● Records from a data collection
[Start of section]
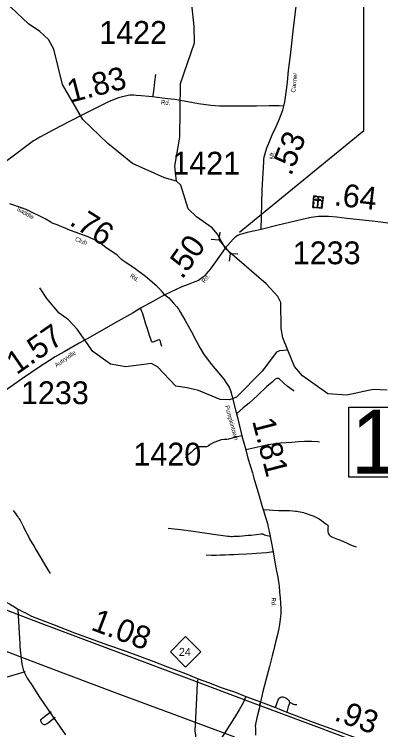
# Model space of a CAD drawing. Extents: x 2093524 to 2270757, y 289120 to 570408.
# Drawn here: x 2112932 to 2120967, y 449270 to 464958 of the extents above; entities that cross this region are included whole.
import ezdxf

# ---------------------------------------------------------------- set-up
doc = ezdxf.new("R2010")
doc.units = 0
for name, color, linetype in [('Exist Cultural Cemetery CELL', 7, 'Continuous'), ('Exist Hydrographic Creek Single Shore', 7, 'Continuous'), ('Exist Hydrographic Misc Water Feature', 7, 'Continuous'), ('Exist Railroad Mainline', 7, 'Continuous'), ('Exist Road Non-System Type 51', 7, 'Continuous'), ('Exist Road Primary NC Attributed', 7, 'Continuous'), ('Exist Road Primary NC Mileage Hundredths English Label', 7, 'Continuous'), ('Exist Road Primary NC Shield CELL', 7, 'Continuous'), ('Exist Road Primary NC Shield Number Label', 7, 'Continuous'), ('Exist Road Secondary Mileage Hundredths English Label', 7, 'Continuous'), ('Exist Road Secondary Structure Pipe CELL', 7, 'Continuous'), ('Exist Road Secondary Structure Pipe Number Label', 7, 'Continuous'), ('Exist Road Secondary Structure Standard Bridge Number Label', 7, 'Continuous'), ('Exist Road Secondary Type 51 Attributed', 7, 'Continuous'), ('Exist Road Secondary Type 51 Label', 7, 'Continuous'), ('Exist Road Secondary Type 51 Number Label', 7, 'Continuous'), ('Exist Utilities Telephone Line', 7, 'Continuous')]:
    doc.layers.add(name, color=color, linetype=linetype)

msp = doc.modelspace()

# ---------------------------------------------------------------- linework, layer by layer
at = {"layer": 'Exist Cultural Cemetery CELL'}
for points in [[(2119504, 460976), (2119702, 460956), (2119677, 460703), (2119479, 460722)], [(2119493, 460859), (2119497, 460902), (2119508, 460901), (2119504, 460858)], [(2119500, 460933), (2119511, 460932), (2119514, 460964), (2119555, 460960), (2119556, 460971), (2119504, 460976)], [(2119538, 460904), (2119536, 460885), (2119653, 460874), (2119655, 460892)], [(2119610, 460936), (2119591, 460938), (2119571, 460736), (2119590, 460734)], [(2119578, 460968), (2119629, 460963), (2119628, 460952), (2119577, 460957)], [(2119698, 460913), (2119687, 460914), (2119690, 460946), (2119650, 460950), (2119651, 460961), (2119702, 460956)], [(2119512, 460719), (2119513, 460731), (2119491, 460733), (2119495, 460773), (2119484, 460774), (2119479, 460722)], [(2119486, 460792), (2119490, 460835), (2119501, 460834), (2119497, 460791)], [(2119644, 460706), (2119645, 460717), (2119667, 460715), (2119671, 460755), (2119682, 460754), (2119677, 460703)], [(2119673, 460776), (2119677, 460819), (2119689, 460818), (2119684, 460775)], [(2119679, 460841), (2119684, 460884), (2119695, 460883), (2119691, 460840)], [(2119537, 460728), (2119622, 460720), (2119621, 460708), (2119536, 460717)]]:
    msp.add_lwpolyline(points, close=True, dxfattribs=at)
at = {"layer": 'Exist Hydrographic Creek Single Shore'}
for points in [[(2116489, 461297), (2116455, 461629), (2116560, 462264), (2116580, 463438), (2116884, 464331), (2116874, 464688), (2116822, 465172), (2117018, 465991), (2117009, 466280), (2116831, 466972), (2116679, 467346), (2116310, 467928), (2115948, 468752), (2115872, 468966), (2115510, 469813), (2115317, 470188), (2115173, 470713), (2115212, 471296), (2115343, 471854), (2115333, 472287), (2115223, 472664)], [(2116489, 461297), (2116222, 461372), (2115521, 461684), (2114986, 462125), (2114434, 462654), (2113989, 463417), (2113802, 464192), (2113685, 464408), (2113492, 464582), (2113242, 464748), (2112857, 465113), (2112396, 465726)], [(2117553, 459826), (2117386, 460135), (2117268, 460275), (2116927, 460514), (2116742, 460689), (2116581, 461214), (2116489, 461297)], [(2118931, 457591), (2118821, 457865), (2118787, 458066), (2118775, 458640), (2118708, 458773), (2118457, 459047), (2117649, 459742), (2117553, 459826)], [(2121109, 456717), (2120801, 456727), (2120226, 456607), (2119810, 456638), (2119250, 457027), (2119074, 457234), (2118931, 457591)]]:
    msp.add_lwpolyline(points, dxfattribs=at)
at = {"layer": 'Exist Hydrographic Misc Water Feature'}
msp.add_lwpolyline([(2118931, 457591), (2118748, 457575), (2118681, 457550), (2118366, 457133), (2117801, 456564), (2117652, 456504), (2117443, 456512), (2116968, 456708), (2116726, 456766), (2116475, 456807), (2116075, 457228), (2115940, 457303), (2115375, 457226), (2115041, 457285), (2114656, 457565), (2114312, 458054), (2114120, 458261), (2113919, 458403), (2113643, 458727), (2113492, 458959)], dxfattribs=at)
at = {"layer": 'Exist Railroad Mainline'}
for points in [[(2107219, 453960), (2107704, 453778), (2108825, 453368), (2109960, 452952), (2111077, 452536), (2112390, 452041), (2113015, 451799)], [(2113015, 451799), (2113513, 451606), (2115446, 450884), (2116647, 450432), (2118165, 449863), (2119561, 449338), (2120720, 448904), (2121926, 448462), (2122765, 448156), (2122833, 448131)]]:
    msp.add_lwpolyline(points, dxfattribs=at)
at = {"layer": 'Exist Road Non-System Type 51'}
msp.add_line((2118330, 449883), (2118301, 449791), dxfattribs=at)
for points in [[(2116028, 463638), (2116008, 463474), (2115989, 463328), (2115977, 463224), (2115964, 463146)], [(2116164, 457671), (2116156, 457715), (2116136, 457783), (2116135, 457793), (2116133, 457801), (2116125, 457812), (2116117, 457818), (2116111, 457817), (2116078, 457810), (2115992, 457774), (2115971, 457770), (2115954, 457768), (2115946, 457774), (2115941, 457792), (2115895, 457918), (2115850, 458062), (2115812, 458187), (2115774, 458317), (2115741, 458409), (2115729, 458443), (2115697, 458511)], [(2119067, 456694), (2119045, 456712), (2118918, 456805), (2118826, 456885), (2118747, 456956), (2118723, 456970), (2118687, 456970), (2118654, 456954), (2118584, 456892), (2118472, 456795), (2118269, 456607), (2118081, 456434), (2117952, 456325), (2117808, 456199)], [(2117922, 455717), (2117858, 455697), (2117740, 455669), (2117626, 455642), (2117594, 455632), (2117544, 455632), (2117470, 455624), (2117408, 455607), (2117308, 455571), (2117228, 455523), (2117182, 455487), (2117150, 455476), (2117084, 455472), (2116972, 455470), (2116923, 455446), (2116867, 455409), (2116813, 455351), (2116735, 455289), (2116707, 455261), (2116699, 455245), (2116683, 455222)], [(2119621, 455576), (2119589, 455580), (2119457, 455589), (2119297, 455588), (2119167, 455582), (2119017, 455571), (2118773, 455550), (2118497, 455519), (2118337, 455483), (2118011, 455404)], [(2113724, 452693), (2113667, 452789), (2113582, 452935), (2113507, 453060), (2113443, 453171), (2113398, 453245), (2113352, 453325), (2113323, 453369), (2113303, 453403), (2113285, 453428), (2113265, 453460), (2113247, 453498), (2113218, 453554), (2113194, 453608), (2113165, 453661), (2113143, 453709), (2113121, 453757), (2113099, 453799), (2113076, 453841), (2113058, 453871), (2113046, 453891), (2113027, 453919), (2113008, 453946), (2112985, 453978), (2112965, 454010), (2112939, 454048), (2112917, 454078)], [(2118389, 454098), (2118519, 454090), (2118599, 454087), (2118723, 454080), (2118845, 454077), (2118968, 454077), (2119040, 454071), (2119101, 454064), (2119127, 454060), (2119160, 454055), (2119199, 454047), (2119237, 454040), (2119274, 454031), (2119307, 454021), (2119343, 454010), (2119414, 453984), (2119484, 453959), (2119526, 453939), (2119572, 453917), (2119614, 453894), (2119666, 453856), (2119707, 453828), (2119745, 453801), (2119777, 453779), (2119796, 453765), (2119805, 453758), (2119811, 453743), (2119813, 453729), (2119811, 453695), (2119810, 453635), (2119811, 453608), (2119816, 453583), (2119824, 453563), (2119835, 453546), (2119849, 453531), (2119867, 453517), (2119883, 453508), (2119911, 453494), (2119943, 453480), (2120021, 453450), (2120087, 453427), (2120169, 453392), (2120233, 453362), (2120307, 453327), (2120364, 453305), (2120429, 453281)], [(2118543, 453509), (2118447, 453530), (2118421, 453538), (2118399, 453548), (2118381, 453556), (2118369, 453558), (2118361, 453558), (2118349, 453558), (2118233, 453545), (2118127, 453532), (2118061, 453526), (2117994, 453521), (2117933, 453516), (2117866, 453510), (2117810, 453506), (2117774, 453504), (2117744, 453504), (2117717, 453503), (2117688, 453503), (2117654, 453505), (2117614, 453509), (2117564, 453516), (2117348, 453543), (2117106, 453577), (2116806, 453627), (2116579, 453650), (2116371, 453677), (2116306, 453684)], [(2118605, 453170), (2118472, 453149), (2118354, 453140), (2118242, 453133), (2118150, 453127), (2118026, 453120), (2117848, 453113), (2117739, 453108), (2117653, 453105), (2117553, 453101), (2117449, 453096), (2117367, 453093), (2117301, 453089), (2117257, 453088), (2117142, 453097)], [(2113169, 450537), (2112743, 450414), (2112397, 450312), (2112300, 450290), (2112255, 450279), (2112183, 450254), (2112102, 450226), (2112054, 450207), (2112046, 450203), (2112026, 450198), (2111988, 450196), (2111916, 450192), (2111828, 450190), (2111805, 450188), (2111771, 450187), (2111717, 450182), (2111623, 450166)], [(2116922, 449040), (2116909, 449147), (2116896, 449247), (2116913, 449527), (2116935, 449959), (2116949, 450289), (2116966, 450389)], [(2118009, 450000), (2117954, 449857), (2117864, 449708), (2117761, 449537), (2117610, 449298), (2117545, 449203), (2117410, 448992), (2117362, 448904), (2117339, 448847)], [(2118661, 449754), (2118688, 449844), (2118704, 449884), (2118720, 449922), (2118731, 449948), (2118743, 449964), (2118759, 449978), (2118779, 449986), (2118797, 449991), (2118817, 449991), (2118841, 449985), (2118863, 449975), (2118891, 449961), (2118913, 449945), (2118933, 449931), (2118947, 449920), (2118957, 449903), (2118962, 449889)], [(2118330, 449883), (2118305, 449730), (2118251, 449532), (2118218, 449394), (2118215, 449343), (2118218, 449310), (2118222, 449217), (2118222, 449149)], [(2118962, 449889), (2118966, 449856), (2118960, 449828), (2118940, 449769), (2118910, 449657)], [(2118962, 449889), (2118996, 449862), (2119016, 449849), (2119034, 449839), (2119058, 449830), (2119080, 449826), (2119098, 449825), (2119126, 449825)], [(2113826, 449536), (2113671, 449412), (2113653, 449398), (2113634, 449388), (2113618, 449382), (2113601, 449377), (2113584, 449378), (2113569, 449383), (2113558, 449392), (2113546, 449405), (2113537, 449415), (2113529, 449427), (2113522, 449440), (2113515, 449455), (2113512, 449467), (2113513, 449481), (2113516, 449492), (2113525, 449503), (2113536, 449515), (2113554, 449533), (2113594, 449563), (2113738, 449669)]]:
    msp.add_lwpolyline(points, dxfattribs=at)
at = {"layer": 'Exist Road Primary NC Attributed'}
for points in [[(2108369, 453970), (2108678, 453841), (2108992, 453716), (2109651, 453469), (2109957, 453357), (2110420, 453180), (2110927, 452990), (2111158, 452895), (2111300, 452839), (2111481, 452761), (2111679, 452677), (2111876, 452577), (2111992, 452513), (2112719, 452091), (2112846, 452016), (2112934, 451961), (2113011, 451916)], [(2113011, 451916), (2113059, 451889), (2113109, 451863), (2113176, 451830), (2113312, 451761), (2113461, 451703), (2113769, 451585), (2114254, 451396), (2115001, 451124), (2115317, 451017), (2115676, 450881), (2115992, 450764), (2116293, 450651), (2116684, 450499), (2116966, 450389), (2117194, 450303), (2117467, 450198), (2117601, 450153), (2117760, 450099), (2117886, 450052), (2118009, 450000), (2118113, 449965), (2118330, 449883)], [(2118330, 449883), (2118661, 449754), (2118910, 449657), (2119484, 449439), (2119950, 449264), (2120430, 449092), (2120558, 449049), (2120718, 448994), (2120871, 448938), (2121055, 448870), (2121206, 448816), (2121382, 448751), (2121570, 448681), (2121778, 448608), (2122085, 448495), (2122254, 448410), (2122440, 448345), (2122678, 448257), (2122919, 448177)]]:
    msp.add_lwpolyline(points, dxfattribs=at)
at = {"layer": 'Exist Road Primary NC Shield CELL'}
msp.add_lwpolyline([(2116355, 450978), (2116688, 451311), (2117021, 450978), (2116688, 450645)], close=True, dxfattribs=at)
at = {"layer": 'Exist Road Secondary Structure Pipe CELL'}
for p, q in [((2117438, 460179), (2117417, 460014)), ((2117251, 460025), (2117417, 460014)), ((2117417, 460014), (2117670, 459708)), ((2117649, 459543), (2117670, 459708)), ((2117836, 459697), (2117670, 459708))]:
    msp.add_line(p, q, dxfattribs=at)
at = {"layer": 'Exist Road Secondary Structure Pipe Number Label'}
msp.add_lwpolyline([(2117868, 460183), (2120600, 462409), (2120600, 465976)], dxfattribs=at)
at = {"layer": 'Exist Road Secondary Structure Standard Bridge Number Label'}
msp.add_lwpolyline([(2120265, 456342), (2123981, 456342), (2123981, 454806), (2120265, 454806)], close=True, dxfattribs=at)
at = {"layer": 'Exist Road Secondary Type 51 Attributed'}
for points in [[(2118839, 462945), (2118861, 463041), (2118879, 463139), (2118892, 463241), (2118920, 463471), (2118947, 463727), (2118987, 464057), (2119049, 464589), (2119133, 465328), (2119170, 465620), (2119185, 465724), (2119193, 465758), (2119207, 465808), (2119217, 465848), (2119258, 465944), (2119350, 466149), (2119443, 466359), (2119586, 466677), (2119701, 466924), (2119753, 467026)], [(2118839, 462945), (2118741, 462952), (2118521, 462951), (2118245, 462947), (2117971, 462945), (2117747, 462943), (2117575, 462942), (2117435, 462947), (2117245, 462961), (2116973, 462998), (2116734, 463039), (2116450, 463092), (2116290, 463107), (2115964, 463146), (2115882, 463152), (2115711, 463171), (2115605, 463180), (2115551, 463184), (2115465, 463182), (2115364, 463166), (2115219, 463129), (2115012, 463048), (2114822, 462950), (2114413, 462744), (2113943, 462502), (2113488, 462263), (2113394, 462208), (2113352, 462182), (2113293, 462138), (2113175, 462049), (2112965, 461893), (2112712, 461702)], [(2118345, 460241), (2118368, 461099), (2118379, 461357), (2118394, 461599), (2118402, 461721), (2118406, 461769), (2118413, 461831), (2118425, 461879), (2118447, 461959), (2118471, 462031), (2118510, 462130), (2118590, 462316), (2118671, 462494), (2118746, 462668), (2118794, 462784), (2118818, 462855), (2118839, 462945)], [(2116231, 458805), (2116178, 458865), (2116123, 458927), (2116059, 458994), (2115806, 459209), (2115579, 459378), (2115357, 459530), (2115293, 459577), (2115240, 459623), (2115190, 459673), (2115136, 459713), (2114948, 459840), (2114835, 459922), (2114721, 459995), (2114549, 460075), (2114164, 460219), (2113875, 460342), (2113807, 460364), (2113745, 460385), (2113730, 460401), (2113609, 460472), (2113219, 460661), (2113191, 460677), (2113093, 460715), (2112832, 460805)], [(2121695, 460317), (2121577, 460329), (2121326, 460359), (2121122, 460380), (2120972, 460398), (2120777, 460422), (2120639, 460438), (2120435, 460459), (2120224, 460483), (2120008, 460508), (2119819, 460527), (2119717, 460527), (2119605, 460523), (2119442, 460503), (2119272, 460462), (2119089, 460419), (2118720, 460335), (2118345, 460241)], [(2118345, 460241), (2118217, 460212), (2118039, 460170), (2117943, 460147), (2117913, 460138), (2117879, 460127), (2117833, 460104), (2117798, 460083), (2117762, 460056), (2117728, 460025), (2117553, 459826)], [(2117553, 459826), (2117342, 459527), (2117228, 459369), (2117190, 459325), (2117142, 459268), (2117114, 459234), (2117083, 459204), (2117032, 459161), (2116969, 459122), (2116890, 459089), (2116741, 459035), (2116603, 458982), (2116231, 458805)], [(2116231, 458805), (2116136, 458757), (2115986, 458670), (2115697, 458511), (2115539, 458414), (2115212, 458227), (2115040, 458134), (2114848, 458022), (2114529, 457842), (2114357, 457746), (2114026, 457555), (2113830, 457444), (2113475, 457223), (2113111, 456971), (2112716, 456696)], [(2116231, 458805), (2116324, 458739), (2116425, 458624), (2116493, 458546), (2116537, 458484), (2116579, 458418), (2116676, 458247), (2116807, 458011), (2116922, 457796), (2117006, 457640), (2117083, 457516), (2117139, 457432), (2117254, 457279), (2117419, 457085), (2117481, 457010), (2117531, 456946), (2117581, 456878), (2117616, 456822), (2117642, 456778), (2117670, 456712), (2117703, 456597), (2117808, 456199), (2117826, 456113), (2117922, 455717), (2118011, 455404), (2118056, 455228), (2118155, 454903), (2118188, 454783), (2118227, 454642), (2118300, 454398), (2118362, 454187), (2118389, 454098), (2118441, 453931), (2118482, 453790), (2118500, 453713), (2118514, 453654), (2118524, 453611), (2118534, 453558), (2118543, 453509), (2118573, 453362), (2118595, 453247), (2118605, 453170), (2118647, 452943), (2118685, 452745), (2118709, 452617), (2118724, 452516), (2118737, 452426), (2118750, 452286), (2118763, 452162), (2118773, 452046), (2118776, 451933), (2118775, 451811), (2118764, 451696), (2118750, 451574), (2118735, 451493), (2118721, 451424), (2118698, 451328), (2118669, 451216), (2118639, 451095), (2118614, 450997), (2118587, 450887), (2118564, 450799), (2118526, 450653), (2118480, 450467), (2118414, 450220), (2118384, 450107), (2118359, 450005), (2118330, 449883)], [(2113011, 451916), (2113021, 451645), (2113043, 451269), (2113051, 451169), (2113056, 451086), (2113069, 450955), (2113078, 450897), (2113097, 450704), (2113125, 450590), (2113149, 450531), (2113215, 450402), (2113321, 450243), (2113487, 449982), (2113756, 449590), (2114051, 449155)]]:
    msp.add_lwpolyline(points, dxfattribs=at)
at = {"layer": 'Exist Utilities Telephone Line'}
msp.add_lwpolyline([(2105807, 453400), (2106839, 453144), (2107342, 453027), (2109094, 452364), (2110400, 451877), (2111697, 451383), (2112393, 451121), (2113608, 450660), (2115178, 450072), (2116384, 449622), (2117759, 449111)], dxfattribs=at)

# ---------------------------------------------------------------- texts
at = {"layer": 'Exist Road Primary NC Mileage Hundredths English Label'}
for s, rotation, p in [('1.08', 339.2343, (2114589, 451469)), ('.93', 339.8056, (2119925, 449486))]:
    msp.add_text(s, height=500, rotation=rotation, dxfattribs=at).set_placement(p)
at = {"layer": 'Exist Road Primary NC Shield Number Label'}
msp.add_text('24', height=175, dxfattribs=at).set_placement((2116542, 450889))
at = {"layer": 'Exist Road Secondary Mileage Hundredths English Label'}
for s, rotation, p in [('1.83', 14.4142, (2114165, 463018)), ('.53', 68.9537, (2119002, 461396)), ('.64', 353.5441, (2119929, 460769)), ('.76', 327.4768, (2114117, 460356)), ('.50', 54.8443, (2116614, 459128)), ('1.57', 34.8302, (2112981, 457042)), ('1.81', 284.4409, (2118145, 456043))]:
    msp.add_text(s, height=500, rotation=rotation, dxfattribs=at).set_placement(p)
at = {"layer": 'Exist Road Secondary Structure Standard Bridge Number Label'}
msp.add_text('101', height=1400, dxfattribs=at).set_placement((2120315, 454885))
at = {"layer": 'Exist Road Secondary Type 51 Label'}
for s, rotation, p in [('Carmel', 83.2217, (2119092, 463238)), ('Rd.', 353.2195, (2116144, 462988)), ('Mt.', 84.1893, (2118619, 461778)), ('Saddle', 329.3288, (2112976, 460665)), ('Club', 339.5728, (2114255, 459992)), ('Rd.', 325.3764, (2115459, 459203)), ('Rd.', 54.0177, (2117106, 459053)), ('Autryville', 34.7071, (2113857, 457213)), ('Pumpkintown', 285.5489, (2117548, 456368)), ('Rd.', 270.2079, (2118574, 452170))]:
    msp.add_text(s, height=95, rotation=rotation, dxfattribs=at).set_placement(p)
at = {"layer": 'Exist Road Secondary Type 51 Number Label'}
for s, p in [('1422', (2114793, 464310)), ('1421', (2116397, 461443)), ('1233', (2119038, 459477)), ('1233', (2113078, 456409)), ('1420', (2115544, 455063))]:
    msp.add_text(s, height=500, dxfattribs=at).set_placement(p)

doc.saveas('drawing.dxf')
[End of section]
● Exercise
When the string "True" appears in a line of the records above, that line is to be copied.

● Task solution
    msp.add_lwpolyline(points, close=True, dxfattribs=at)
msp.add_lwpolyline([(2116355, 450978), (2116688, 451311), (2117021, 450978), (2116688, 450645)], close=True, dxfattribs=at)
msp.add_lwpolyline([(2120265, 456342), (2123981, 456342), (2123981, 454806), (2120265, 454806)], close=True, dxfattribs=at)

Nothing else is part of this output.